The main improvement will be the offset, especially in the schematic I posted that uses 470k resistors will drop a fair voltage due to the relatively high bias currents of the old 741. The values could be reduced to 10k so an old op-amp will give respectable performance.

The offset current is what matters in this case because of the deliberately balanced source resistance.  The errors from the 741's high bias current cancel and the offset current only contributes an error of about 5 millivolts typical into 235k which is not so bad compared to 2 millivolts of typical voltage offset error.  The error from the common mode rejection is almost as great and in practice the resistor matching will create the largest error term.

I agree that the 741 is the wrong operational amplifier for such high source resistances but for a different reason;  Tektronix used the 741 in such high impedance circuits with balanced inputs to minimize voltage offset error from the bias currents but at very low bandwidths.  The problem is that the current noise from a 741 is pretty high making it noisy with high source impedances.  The typical choice in the past would be the 308 but nobody makes them anymore.

I wonder what the least expensive modern alternative to the 308 would be.  The OP07 is not really a low input bias current operational amplifier but it is close and inexpensive.  The LT1012, LT1097, and OP97 certainly count but cost twice as much as the multiple sourced OP07.  I used to use the LM11 for this sort of circuit if I needed something better than a 308 but they are also discontinued.  JFET operational amplifiers lack precision.

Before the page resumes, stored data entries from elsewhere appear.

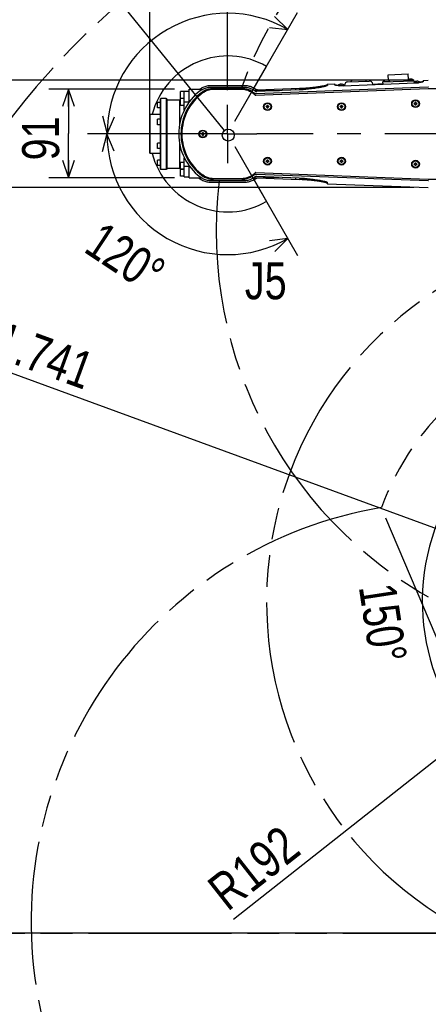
# Model space of a CAD drawing. Header units: millimetres. Extents: x 0 to 594, y 0 to 420.
# Tile 28 of 256: x 288 to 330, y 230 to 331. Entities that reach past the tile are written whole.
import ezdxf

# ---------------------------------------------------------------- set-up
doc = ezdxf.new("R2010")
doc.units = ezdxf.units.MM
doc.header["$LTSCALE"] = 32.67
doc.linetypes.add('CENTER', pattern=[0.6, 0.375, -0.075, 0.075, -0.075])
doc.linetypes.add('PHANTOM', pattern=[0.8, 0.45, -0.05, 0.1, -0.05, 0.1, -0.05])
doc.layers.get('0').update_dxf_attribs({"linetype": 'CONTINUOUS'})
for name, color, linetype in [('CRV', 7, 'CONTINUOUS'), ('DEFAULT_1', 7, 'CENTER'), ('DRA_ITEM', 7, 'CONTINUOUS'), ('DRIV_DIM', 7, 'CONTINUOUS')]:
    doc.layers.add(name, color=color, linetype=linetype)
doc.styles.get("Standard").update_dxf_attribs({"font": 'txt', "width": 0.8})
doc.dimstyles.new('DIMSTYLE_1', dxfattribs={"dimtxt": 3.8, "dimasz": 1.8, "dimexe": 0.18, "dimexo": 0.0625, "dimgap": 0.09, "dimtad": 1, "dimdec": 3, "dimlfac": 10, "dimdsep": 46, "dimtxsty": 'STANDARD', "dimblk": 'OPEN', "dimblk1": 'OPEN', "dimblk2": 'OPEN', "dimcen": 0.09, "dimadec": 0, "dimazin": 0, "dimtp": 0.001, "dimtm": 0.001, "dimtfac": 1, "dimtdec": 3, "dimtofl": 0, "dimtmove": 0, "dimatfit": 3, "dimldrblk": 'OPEN', "dimfxl": 1, "dimtolj": 1, "dimarcsym": 0})
doc.dimstyles.new('DIMSTYLE_2', dxfattribs={"dimtxt": 3.8, "dimasz": 1.8, "dimexe": 0.18, "dimexo": 0.0625, "dimgap": 0.09, "dimtad": 1, "dimdec": 3, "dimlfac": 10, "dimdsep": 46, "dimtxsty": 'STANDARD', "dimblk": 'OPEN', "dimblk1": 'OPEN', "dimblk2": 'OPEN', "dimcen": 0.09, "dimadec": 0, "dimazin": 0, "dimtp": 0.001, "dimtm": 0.001, "dimtfac": 1, "dimtdec": 3, "dimtofl": 0, "dimtmove": 0, "dimatfit": 3, "dimldrblk": 'OPEN', "dimfxl": 1, "dimtolj": 1, "dimarcsym": 0})
doc.dimstyles.new('DIMSTYLE_3', dxfattribs={"dimtxt": 3.8, "dimasz": 1.8, "dimexe": 0.18, "dimexo": 0.0625, "dimgap": 0.09, "dimtad": 1, "dimdec": 1, "dimlfac": 10, "dimdsep": 46, "dimtxsty": 'STANDARD', "dimblk": 'OPEN', "dimblk1": 'OPEN', "dimblk2": 'OPEN', "dimcen": 0.09, "dimadec": 0, "dimazin": 0, "dimtp": 0.1, "dimtm": 0.1, "dimtfac": 1, "dimtdec": 1, "dimtofl": 0, "dimtmove": 0, "dimatfit": 3, "dimldrblk": 'OPEN', "dimfxl": 1, "dimtolj": 1, "dimarcsym": 0})
doc.dimstyles.new('DIMSTYLE_4', dxfattribs={"dimtxt": 3.8, "dimasz": 1.8, "dimexe": 0.18, "dimexo": 0.0625, "dimgap": 0.09, "dimtad": 1, "dimdec": 3, "dimlfac": 10, "dimdsep": 46, "dimtxsty": 'STANDARD', "dimblk": 'OPEN', "dimblk1": 'OPEN', "dimblk2": 'OPEN', "dimcen": 0.09, "dimadec": 0, "dimazin": 0, "dimtp": 0.5, "dimtm": 0.5, "dimtfac": 1, "dimtdec": 3, "dimtofl": 0, "dimtmove": 0, "dimatfit": 3, "dimldrblk": 'OPEN', "dimfxl": 1, "dimtolj": 1, "dimarcsym": 0})

# ---------------------------------------------------------------- blocks, each defined once
blk = doc.blocks.new('_OPEN')
at = {"color": 0, "linetype": 'BYBLOCK'}
for p, q in [((0, 0), (-1, 0.342)), ((-1, -0.342), (0, 0)), ((-1, 0), (0, 0))]:
    blk.add_line(p, q, dxfattribs=at)
blk = doc.blocks.new('*D4')
at = {"layer": 'DRIV_DIM', "color": 2, "linetype": 'CONTINUOUS'}
for p, q in [((309.71, 324.27), (309.71, 373.89)), ((351.71, 314.27), (351.71, 373.89)), ((309.71, 371.89), (330.71, 371.89)), ((351.71, 371.89), (330.71, 371.89))]:
    blk.add_line(p, q, dxfattribs=at)
at = {"layer": 'DRIV_DIM', "color": 2, "linetype": 'CONTINUOUS', "xscale": 1.8, "yscale": 1.8, "zscale": 1.8, "rotation": 180}
blk.add_blockref('_OPEN', (309.71, 371.89), dxfattribs=at)
at = {"layer": 'DRIV_DIM', "color": 2, "linetype": 'CONTINUOUS', "xscale": 1.8, "yscale": 1.8, "zscale": 1.8}
blk.add_blockref('_OPEN', (351.71, 371.89), dxfattribs=at)
at = {"layer": 'DRIV_DIM', "color": 2, "linetype": 'CONTINUOUS', "width": 0.8}
blk.add_text('420', height=3.8, dxfattribs=at).set_placement((324.84, 372.84))
blk = doc.blocks.new('*D6')
at = {"layer": 'DRIV_DIM', "color": 2, "linetype": 'CONTINUOUS'}
for p, q in [((262.53, 273.27), (262.53, 393.99)), ((359.71, 183.4), (359.71, 393.99)), ((262.53, 391.99), (311.12, 391.99)), ((359.71, 391.99), (311.12, 391.99))]:
    blk.add_line(p, q, dxfattribs=at)
at = {"layer": 'DRIV_DIM', "color": 2, "linetype": 'CONTINUOUS', "xscale": 1.8, "yscale": 1.8, "zscale": 1.8, "rotation": 180}
blk.add_blockref('_OPEN', (262.53, 391.99), dxfattribs=at)
at = {"layer": 'DRIV_DIM', "color": 2, "linetype": 'CONTINUOUS', "xscale": 1.8, "yscale": 1.8, "zscale": 1.8}
blk.add_blockref('_OPEN', (359.71, 391.99), dxfattribs=at)
at = {"layer": 'DRIV_DIM', "color": 2, "linetype": 'CONTINUOUS', "width": 0.8}
blk.add_text('971.741', height=3.8, dxfattribs=at).set_placement((299.21, 392.94))
blk = doc.blocks.new('*D7')
at = {"layer": 'DRIV_DIM', "color": 2, "linetype": 'CONTINUOUS'}
for p, q in [((350.21, 360.94), (240.21, 360.94)), ((242.21, 360.94), (242.21, 299.35)), ((242.21, 237.77), (242.21, 299.35)), ((350.21, 237.77), (240.21, 237.77))]:
    blk.add_line(p, q, dxfattribs=at)
at = {"layer": 'DRIV_DIM', "color": 2, "linetype": 'CONTINUOUS', "xscale": 1.8, "yscale": 1.8, "zscale": 1.8}
for p, rotation in [((242.21, 360.94), 90), ((242.21, 237.77), 270)]:
    blk.add_blockref('_OPEN', p, dxfattribs=dict(at, rotation=rotation))
at = {"layer": 'DRIV_DIM', "color": 2, "linetype": 'CONTINUOUS', "width": 0.8}
blk.add_text('1231.741', height=3.8, rotation=90, dxfattribs=at).set_placement((241.26, 284.49))
blk = doc.blocks.new('*D8')
at = {"layer": 'DRIV_DIM', "color": 2, "linetype": 'CONTINUOUS'}
for p, q in [((331.21, 237.77), (240.21, 237.77)), ((242.21, 237.77), (242.21, 212.72)), ((242.21, 187.68), (242.21, 212.72)), ((331.21, 187.68), (240.21, 187.68))]:
    blk.add_line(p, q, dxfattribs=at)
at = {"layer": 'DRIV_DIM', "color": 2, "linetype": 'CONTINUOUS', "xscale": 1.8, "yscale": 1.8, "zscale": 1.8}
for p, rotation in [((242.21, 237.77), 90), ((242.21, 187.68), 270)]:
    blk.add_blockref('_OPEN', p, dxfattribs=dict(at, rotation=rotation))
at = {"layer": 'DRIV_DIM', "color": 2, "linetype": 'CONTINUOUS', "width": 0.8}
blk.add_text('500.83', height=3.8, rotation=90, dxfattribs=at).set_placement((241.26, 205.13))
blk = doc.blocks.new('*D9')
at = {"layer": 'DRIV_DIM', "color": 2, "linetype": 'CONTINUOUS'}
for p, q in [((301.71, 323.22), (301.71, 373.89)), ((309.71, 324.27), (309.71, 373.89)), ((301.71, 371.89), (305.71, 371.89)), ((309.71, 371.89), (305.71, 371.89))]:
    blk.add_line(p, q, dxfattribs=at)
at = {"layer": 'DRIV_DIM', "color": 2, "linetype": 'CONTINUOUS', "xscale": 1.8, "yscale": 1.8, "zscale": 1.8, "rotation": 180}
blk.add_blockref('_OPEN', (301.71, 371.89), dxfattribs=at)
at = {"layer": 'DRIV_DIM', "color": 2, "linetype": 'CONTINUOUS', "xscale": 1.8, "yscale": 1.8, "zscale": 1.8}
blk.add_blockref('_OPEN', (309.71, 371.89), dxfattribs=at)
at = {"layer": 'DRIV_DIM', "color": 2, "linetype": 'CONTINUOUS', "width": 0.8}
blk.add_text('80', height=3.8, dxfattribs=at).set_placement((302.22, 372.84))
blk = doc.blocks.new('*D13')
at = {"layer": 'DRIV_DIM', "color": 2, "linetype": 'CONTINUOUS'}
blk.add_line((275.47, 299.63), (351.71, 271.77), dxfattribs=at)
at = {"layer": 'DRIV_DIM', "color": 2, "linetype": 'CONTINUOUS', "xscale": 1.8, "yscale": 1.8, "zscale": 1.8, "rotation": 159.923386}
blk.add_blockref('_OPEN', (275.47, 299.63), dxfattribs=at)
at = {"layer": 'DRIV_DIM', "color": 2, "linetype": 'CONTINUOUS', "width": 0.8}
for s, p in [('R', (278.32, 299.6)), ('811.741', (281.18, 298.55))]:
    blk.add_text(s, height=3.8, rotation=-20.0766, dxfattribs=at).set_placement(p)
blk = doc.blocks.new('*D19')
at = {"layer": 'DRIV_DIM', "color": 2, "linetype": 'CONTINUOUS'}
for p, q in [((304.26, 324.37), (291.36, 324.37)), ((293.36, 324.37), (293.36, 319.82)), ((293.36, 315.27), (293.36, 319.82)), ((304.26, 315.27), (291.36, 315.27))]:
    blk.add_line(p, q, dxfattribs=at)
at = {"layer": 'DRIV_DIM', "color": 2, "linetype": 'CONTINUOUS', "xscale": 1.8, "yscale": 1.8, "zscale": 1.8}
for p, rotation in [((293.36, 324.37), 90), ((293.36, 315.27), 270)]:
    blk.add_blockref('_OPEN', p, dxfattribs=dict(at, rotation=rotation))
at = {"layer": 'DRIV_DIM', "color": 2, "linetype": 'CONTINUOUS', "width": 0.8}
blk.add_text('91', height=3.8, rotation=90, dxfattribs=at).set_placement((292.41, 317.05))
blk = doc.blocks.new('*D20')
at = {"layer": 'DRIV_DIM', "color": 2, "linetype": 'CONTINUOUS'}
for p, q in [((328.82, 325.27), (281.9, 325.27)), ((283.9, 325.27), (283.9, 319.77)), ((283.9, 314.27), (283.9, 319.77)), ((328.82, 314.27), (281.9, 314.27))]:
    blk.add_line(p, q, dxfattribs=at)
at = {"layer": 'DRIV_DIM', "color": 2, "linetype": 'CONTINUOUS', "xscale": 1.8, "yscale": 1.8, "zscale": 1.8}
for p, rotation in [((283.9, 325.27), 90), ((283.9, 314.27), 270)]:
    blk.add_blockref('_OPEN', p, dxfattribs=dict(at, rotation=rotation))
at = {"layer": 'DRIV_DIM', "color": 2, "linetype": 'CONTINUOUS', "width": 0.8}
blk.add_text('110', height=3.8, rotation=90, dxfattribs=at).set_placement((282.95, 315.5))
blk = doc.blocks.new('*D23')
at = {"layer": 'DRIV_DIM', "color": 2, "linetype": 'CONTINUOUS'}
for p, q in [((351.71, 271.77), (310.3, 239.17)), ((336.62, 259.89), (351.71, 271.77))]:
    blk.add_line(p, q, dxfattribs=at)
at = {"layer": 'DRIV_DIM', "color": 2, "linetype": 'CONTINUOUS', "xscale": 1.8, "yscale": 1.8, "zscale": 1.8, "rotation": 218.206352}
blk.add_blockref('_OPEN', (336.62, 259.89), dxfattribs=at)
at = {"layer": 'DRIV_DIM', "color": 2, "linetype": 'CONTINUOUS', "width": 0.8}
for s, p in [('192', (312.1, 241.8)), ('R', (309.71, 239.92))]:
    blk.add_text(s, height=3.8, rotation=38.2064, dxfattribs=at).set_placement(p)
blk = doc.blocks.new('*D24')
at = {"layer": 'DRIV_DIM', "color": 2, "linetype": 'CONTINUOUS'}
for p, q in [((351.71, 273.27), (351.71, 295.77)), ((350.96, 270.47), (339.7, 250.97))]:
    blk.add_line(p, q, dxfattribs=at)
for points in [[(349.94, 293.09), (351.71, 293.77), (349.89, 294.32)], [(338.85, 253.15), (340.7, 252.7), (339.51, 254.19)]]:
    blk.add_lwpolyline(points, dxfattribs=at)
for start, end in [(90, 165), (165, 240)]:
    blk.add_arc((351.71, 271.77), 22.01, start, end, dxfattribs=at)
at = {"layer": 'DRIV_DIM', "color": 2, "linetype": 'CONTINUOUS', "width": 0.766667}
blk.add_text('150%%d', height=3.8, rotation=-81.2675, dxfattribs=at).set_placement((323.17, 273.28))
blk = doc.blocks.new('*D28')
at = {"layer": 'DRIV_DIM', "color": 2, "linetype": 'CONTINUOUS'}
for p, q in [((301.71, 321.27), (301.71, 385.23)), ((351.71, 314.27), (351.71, 385.23)), ((301.71, 383.23), (326.71, 383.23)), ((351.71, 383.23), (326.71, 383.23))]:
    blk.add_line(p, q, dxfattribs=at)
at = {"layer": 'DRIV_DIM', "color": 2, "linetype": 'CONTINUOUS', "xscale": 1.8, "yscale": 1.8, "zscale": 1.8, "rotation": 180}
blk.add_blockref('_OPEN', (301.71, 383.23), dxfattribs=at)
at = {"layer": 'DRIV_DIM', "color": 2, "linetype": 'CONTINUOUS', "xscale": 1.8, "yscale": 1.8, "zscale": 1.8}
blk.add_blockref('_OPEN', (351.71, 383.23), dxfattribs=at)
at = {"layer": 'DRIV_DIM', "color": 2, "linetype": 'CONTINUOUS', "width": 0.8}
blk.add_text('500', height=3.8, dxfattribs=at).set_placement((319.99, 384.18))
blk = doc.blocks.new('*D31')
at = {"layer": 'DRIV_DIM', "color": 2, "linetype": 'CONTINUOUS'}
for p, q in [((310.46, 321.06), (316.89, 332.21)), ((308.21, 319.77), (295.34, 319.77))]:
    blk.add_line(p, q, dxfattribs=at)
for points in [[(314, 330.7), (315.89, 330.47), (314.54, 331.81)], [(296.86, 321.61), (297.34, 319.77), (298.09, 321.52)]]:
    blk.add_lwpolyline(points, dxfattribs=at)
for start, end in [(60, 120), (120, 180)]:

That is a clever circuit.  Did you come up with that yourself or find it somewhere?
I designed it myself, when I noticed many people were using separate voltage references and trimmer resistors to get 0V from the LM317. I realised there's a more effective way to zero the output.

So, if I understand it correctly, it should look like this?
It will still be unstable, I'm afraid. As long as you have another gain stage inside the op-amp's feedback loop (T1 in this case) it will be prone to oscillation.